WHAT IS REQUIRED — Say the number of lines in the records below that hold the word "Fire", and only that number.

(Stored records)
┄┄┄┄┄┄

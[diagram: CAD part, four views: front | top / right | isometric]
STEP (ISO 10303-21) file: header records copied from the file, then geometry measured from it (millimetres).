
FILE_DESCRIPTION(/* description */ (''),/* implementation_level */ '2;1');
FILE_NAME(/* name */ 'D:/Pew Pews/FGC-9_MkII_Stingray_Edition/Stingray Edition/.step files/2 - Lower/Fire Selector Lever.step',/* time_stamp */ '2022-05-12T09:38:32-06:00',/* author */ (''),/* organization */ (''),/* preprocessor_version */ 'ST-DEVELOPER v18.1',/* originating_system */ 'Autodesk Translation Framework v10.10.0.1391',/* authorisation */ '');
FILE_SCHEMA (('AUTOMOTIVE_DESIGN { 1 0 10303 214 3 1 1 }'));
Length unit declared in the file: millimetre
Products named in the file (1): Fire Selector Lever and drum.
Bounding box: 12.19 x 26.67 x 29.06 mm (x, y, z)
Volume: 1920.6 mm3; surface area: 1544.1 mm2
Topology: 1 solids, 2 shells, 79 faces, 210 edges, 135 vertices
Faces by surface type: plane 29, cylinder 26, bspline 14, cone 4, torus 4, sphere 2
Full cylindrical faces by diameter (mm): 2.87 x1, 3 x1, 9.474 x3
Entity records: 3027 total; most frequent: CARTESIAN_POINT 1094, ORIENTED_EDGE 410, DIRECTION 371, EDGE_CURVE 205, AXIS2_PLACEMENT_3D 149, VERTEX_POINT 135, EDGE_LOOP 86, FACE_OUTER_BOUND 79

┄┄┄┄┄┄

ANSWER TO THIS PROBLEM — 2